I am shopping for the right breed for my family of six.  We rent a home w/a grassy side and back yard, as well as, a small grassy persimmon orchard.  I'm looking for a smaller, friendly, easy care, easy on pocketbook, homestead hog.  

I think I've got it narrowed down to two breeds - Kune Kune and Guinea hogs.  I'd love to hear comparisons between the two, including pros, cons, and costs associated w/keeping/breeding each breed.  What's your experience?  What's your opinion?

Thank you!


----------



## Cornish Heritage (Feb 11, 2013)

Never raised either so sorry I cannot help you. Hopefully someone on here will be able to give you some advice. Do you have any breeders around you that you could go visit to really check them out?

Liz


----------



## ChickenPotPie (Feb 11, 2013)

Thank you, Cornish Heritage.  I hope so, too.  I do seem to have a few Kune Kune breeders in my state that I could talk to and go visit so that is good.  Just haven't got to that step yet.  

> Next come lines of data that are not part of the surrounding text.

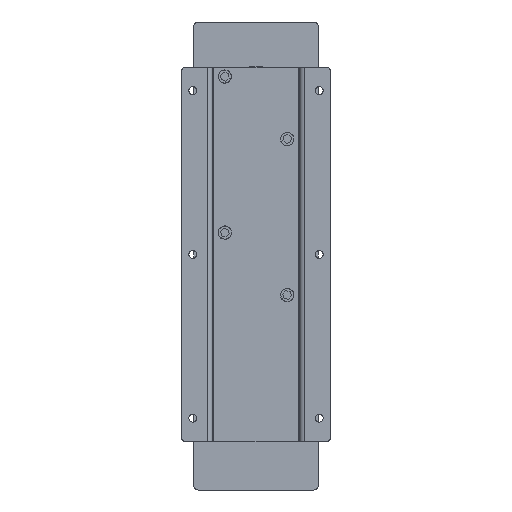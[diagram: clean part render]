
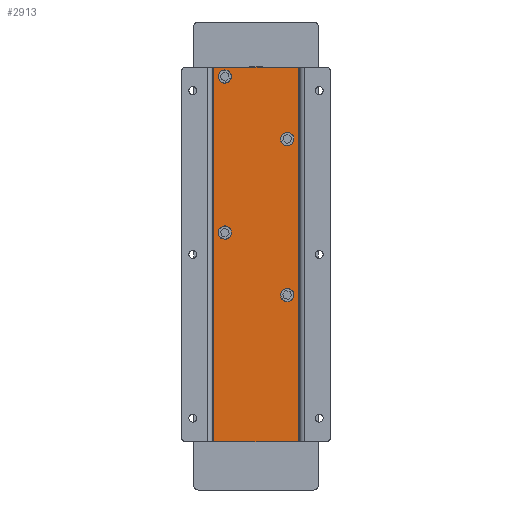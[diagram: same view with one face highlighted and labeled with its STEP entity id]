
A CAD part, left-side view. The second image highlights one B-rep face of the part: STEP entity #2913.
In plain terms, the highlighted planar face has unit normal (-1, 0, 0) as drawn and (0, 0, -1) by its records, which use the part's own axes.
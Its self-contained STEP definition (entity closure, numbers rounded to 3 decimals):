
#1100 = VERTEX_POINT ( 'NONE', #56157 ) ;
#1309 = DIRECTION ( 'NONE',  ( 1., 0., 0. ) ) ;
#1517 = DIRECTION ( 'NONE',  ( 0., 0., 1. ) ) ;
#2913 = ADVANCED_FACE ( 'NONE', ( #9020, #35696, #70942, #80184, #54189 ), #106247, .F. ) ;
#5431 = DIRECTION ( 'NONE',  ( 0., 0., 1. ) ) ;
#5525 = DIRECTION ( 'NONE',  ( 1., 0., 0. ) ) ;
#5997 = ORIENTED_EDGE ( 'NONE', *, *, #12697, .F. ) ;
#6297 = ORIENTED_EDGE ( 'NONE', *, *, #63717, .T. ) ;
#8879 = ORIENTED_EDGE ( 'NONE', *, *, #109573, .T. ) ;
#9020 = FACE_BOUND ( 'NONE', #103625, .T. ) ;
#9985 = CARTESIAN_POINT ( 'NONE',  ( -14., 20., -2. ) ) ;
#10864 = CARTESIAN_POINT ( 'NONE',  ( -110.75, 20., -2. ) ) ;
#12442 = VERTEX_POINT ( 'NONE', #81494 ) ;
#12697 = EDGE_CURVE ( 'NONE', #102023, #90568, #36306, .T. ) ;
#14645 = CIRCLE ( 'NONE', #79278, 3.25 ) ;
#14702 = ORIENTED_EDGE ( 'NONE', *, *, #37873, .T. ) ;
#14798 = CARTESIAN_POINT ( 'NONE',  ( -114., 20., -2. ) ) ;
#16177 = CARTESIAN_POINT ( 'NONE',  ( -120., 27., -2. ) ) ;
#16212 = EDGE_CURVE ( 'NONE', #63475, #105608, #68189, .T. ) ;
#17163 = ORIENTED_EDGE ( 'NONE', *, *, #83105, .F. ) ;
#17247 = ORIENTED_EDGE ( 'NONE', *, *, #68885, .F. ) ;
#18300 = DIRECTION ( 'NONE',  ( 0., 0., 1. ) ) ;
#18341 = DIRECTION ( 'NONE',  ( 0., 1., 0. ) ) ;
#19480 = CARTESIAN_POINT ( 'NONE',  ( -14., 20., -2. ) ) ;
#19806 = CARTESIAN_POINT ( 'NONE',  ( -17.25, 20., -2. ) ) ;
#20064 = DIRECTION ( 'NONE',  ( 0., 0., 1. ) ) ;
#20623 = CIRCLE ( 'NONE', #98241, 3.25 ) ;
#20744 = CARTESIAN_POINT ( 'NONE',  ( 26., -20., -2. ) ) ;
#21449 = AXIS2_PLACEMENT_3D ( 'NONE', #20744, #46792, #30593 ) ;
#22253 = AXIS2_PLACEMENT_3D ( 'NONE', #40778, #5431, #76023 ) ;
#23439 = AXIS2_PLACEMENT_3D ( 'NONE', #14798, #66902, #5525 ) ;
#24255 = CARTESIAN_POINT ( 'NONE',  ( -120., -27., -2. ) ) ;
#25190 = CIRCLE ( 'NONE', #21449, 3.25 ) ;
#26039 = CARTESIAN_POINT ( 'NONE',  ( -120., -27., -2. ) ) ;
#26591 = DIRECTION ( 'NONE',  ( 1., 0., 0. ) ) ;
#26669 = EDGE_CURVE ( 'NONE', #74527, #99713, #14645, .T. ) ;
#26739 = EDGE_CURVE ( 'NONE', #59026, #67546, #71868, .T. ) ;
#29381 = EDGE_CURVE ( 'NONE', #1100, #12442, #46296, .T. ) ;
#30593 = DIRECTION ( 'NONE',  ( 1., 0., 0. ) ) ;
#32177 = DIRECTION ( 'NONE',  ( 1., 0., 0. ) ) ;
#32308 = LINE ( 'NONE', #86013, #33210 ) ;
#33210 = VECTOR ( 'NONE', #57156, 1000. ) ;
#33594 = DIRECTION ( 'NONE',  ( 0., 0., 1. ) ) ;
#35593 = ORIENTED_EDGE ( 'NONE', *, *, #111538, .T. ) ;
#35696 = FACE_BOUND ( 'NONE', #45326, .T. ) ;
#36285 = EDGE_LOOP ( 'NONE', ( #6297, #101373 ) ) ;
#36306 = LINE ( 'NONE', #73259, #63289 ) ;
#37873 = EDGE_CURVE ( 'NONE', #99713, #74527, #62250, .T. ) ;
#40778 = CARTESIAN_POINT ( 'NONE',  ( -74., -20., -2. ) ) ;
#40815 = LINE ( 'NONE', #74366, #76547 ) ;
#44319 = AXIS2_PLACEMENT_3D ( 'NONE', #62289, #18300, #89426 ) ;
#45326 = EDGE_LOOP ( 'NONE', ( #78132, #8879 ) ) ;
#46296 = CIRCLE ( 'NONE', #22253, 3.25 ) ;
#46744 = CARTESIAN_POINT ( 'NONE',  ( 29.25, -20., -2. ) ) ;
#46792 = DIRECTION ( 'NONE',  ( 0., 0., 1. ) ) ;
#48602 = VERTEX_POINT ( 'NONE', #19806 ) ;
#48723 = ORIENTED_EDGE ( 'NONE', *, *, #49941, .T. ) ;
#49941 = EDGE_CURVE ( 'NONE', #48602, #99553, #111593, .T. ) ;
#50392 = CARTESIAN_POINT ( 'NONE',  ( 120., -27., -2. ) ) ;
#54189 = FACE_OUTER_BOUND ( 'NONE', #106902, .T. ) ;
#54292 = AXIS2_PLACEMENT_3D ( 'NONE', #9985, #82823, #1309 ) ;
#56069 = CIRCLE ( 'NONE', #94870, 3.25 ) ;
#56157 = CARTESIAN_POINT ( 'NONE',  ( -70.75, -20., -2. ) ) ;
#57156 = DIRECTION ( 'NONE',  ( -1., 0., 0. ) ) ;
#57991 = EDGE_LOOP ( 'NONE', ( #35593, #48723 ) ) ;
#59026 = VERTEX_POINT ( 'NONE', #64727 ) ;
#62250 = CIRCLE ( 'NONE', #23439, 3.25 ) ;
#62289 = CARTESIAN_POINT ( 'NONE',  ( 0., 0., -2. ) ) ;
#63289 = VECTOR ( 'NONE', #18341, 1000. ) ;
#63475 = VERTEX_POINT ( 'NONE', #16177 ) ;
#63717 = EDGE_CURVE ( 'NONE', #67546, #59026, #25190, .T. ) ;
#64727 = CARTESIAN_POINT ( 'NONE',  ( 22.75, -20., -2. ) ) ;
#65201 = CARTESIAN_POINT ( 'NONE',  ( -114., 20., -2. ) ) ;
#65576 = ORIENTED_EDGE ( 'NONE', *, *, #16212, .F. ) ;
#65766 = CARTESIAN_POINT ( 'NONE',  ( 26., -20., -2. ) ) ;
#66902 = DIRECTION ( 'NONE',  ( 0., 0., 1. ) ) ;
#66908 = DIRECTION ( 'NONE',  ( 1., 0., 0. ) ) ;
#67546 = VERTEX_POINT ( 'NONE', #46744 ) ;
#68189 = LINE ( 'NONE', #24255, #79805 ) ;
#68885 = EDGE_CURVE ( 'NONE', #90568, #63475, #32308, .T. ) ;
#70942 = FACE_BOUND ( 'NONE', #57991, .T. ) ;
#71868 = CIRCLE ( 'NONE', #108869, 3.25 ) ;
#72100 = DIRECTION ( 'NONE',  ( 1., 0., 0. ) ) ;
#72273 = CARTESIAN_POINT ( 'NONE',  ( -117.25, 20., -2. ) ) ;
#73259 = CARTESIAN_POINT ( 'NONE',  ( 120., -27., -2. ) ) ;
#74366 = CARTESIAN_POINT ( 'NONE',  ( 120., -27., -2. ) ) ;
#74527 = VERTEX_POINT ( 'NONE', #72273 ) ;
#75540 = DIRECTION ( 'NONE',  ( 1., 0., 0. ) ) ;
#76023 = DIRECTION ( 'NONE',  ( 1., 0., 0. ) ) ;
#76064 = ORIENTED_EDGE ( 'NONE', *, *, #26669, .T. ) ;
#76547 = VECTOR ( 'NONE', #32177, 1000. ) ;
#78132 = ORIENTED_EDGE ( 'NONE', *, *, #29381, .T. ) ;
#79100 = DIRECTION ( 'NONE',  ( 0., -1., 0. ) ) ;
#79278 = AXIS2_PLACEMENT_3D ( 'NONE', #65201, #20064, #75540 ) ;
#79805 = VECTOR ( 'NONE', #79100, 1000. ) ;
#80184 = FACE_BOUND ( 'NONE', #36285, .T. ) ;
#81494 = CARTESIAN_POINT ( 'NONE',  ( -77.25, -20., -2. ) ) ;
#82823 = DIRECTION ( 'NONE',  ( 0., 0., 1. ) ) ;
#83105 = EDGE_CURVE ( 'NONE', #105608, #102023, #40815, .T. ) ;
#86013 = CARTESIAN_POINT ( 'NONE',  ( 120., 27., -2. ) ) ;
#89426 = DIRECTION ( 'NONE',  ( 1., 0., 0. ) ) ;
#90568 = VERTEX_POINT ( 'NONE', #105757 ) ;
#94870 = AXIS2_PLACEMENT_3D ( 'NONE', #19480, #1517, #72100 ) ;
#95441 = CARTESIAN_POINT ( 'NONE',  ( -74., -20., -2. ) ) ;
#98241 = AXIS2_PLACEMENT_3D ( 'NONE', #95441, #33594, #26591 ) ;
#99553 = VERTEX_POINT ( 'NONE', #114491 ) ;
#99713 = VERTEX_POINT ( 'NONE', #10864 ) ;
#101373 = ORIENTED_EDGE ( 'NONE', *, *, #26739, .T. ) ;
#102023 = VERTEX_POINT ( 'NONE', #50392 ) ;
#103625 = EDGE_LOOP ( 'NONE', ( #14702, #76064 ) ) ;
#105608 = VERTEX_POINT ( 'NONE', #26039 ) ;
#105757 = CARTESIAN_POINT ( 'NONE',  ( 120., 27., -2. ) ) ;
#106247 = PLANE ( 'NONE',  #44319 ) ;
#106902 = EDGE_LOOP ( 'NONE', ( #65576, #17247, #5997, #17163 ) ) ;
#108869 = AXIS2_PLACEMENT_3D ( 'NONE', #65766, #112003, #66908 ) ;
#109573 = EDGE_CURVE ( 'NONE', #12442, #1100, #20623, .T. ) ;
#111538 = EDGE_CURVE ( 'NONE', #99553, #48602, #56069, .T. ) ;
#111593 = CIRCLE ( 'NONE', #54292, 3.25 ) ;
#112003 = DIRECTION ( 'NONE',  ( 0., 0., 1. ) ) ;
#114491 = CARTESIAN_POINT ( 'NONE',  ( -10.75, 20., -2. ) ) ;

I had casually considered Guinea Hogs before but only based on what I had read on The American Livestock Breeds Conservancy website.  We weren't ready to get a hog so I never contacted breeders to talk about it.  Up until four days ago, I had never even heard of KuneKune.  So, this inquiry is a very preliminary action.  I'm mainly looking for tidbits that only those who've raised these breeds might have but I'd take any info, too.  

I'm sure I'll go ahead and call a few breeders soon.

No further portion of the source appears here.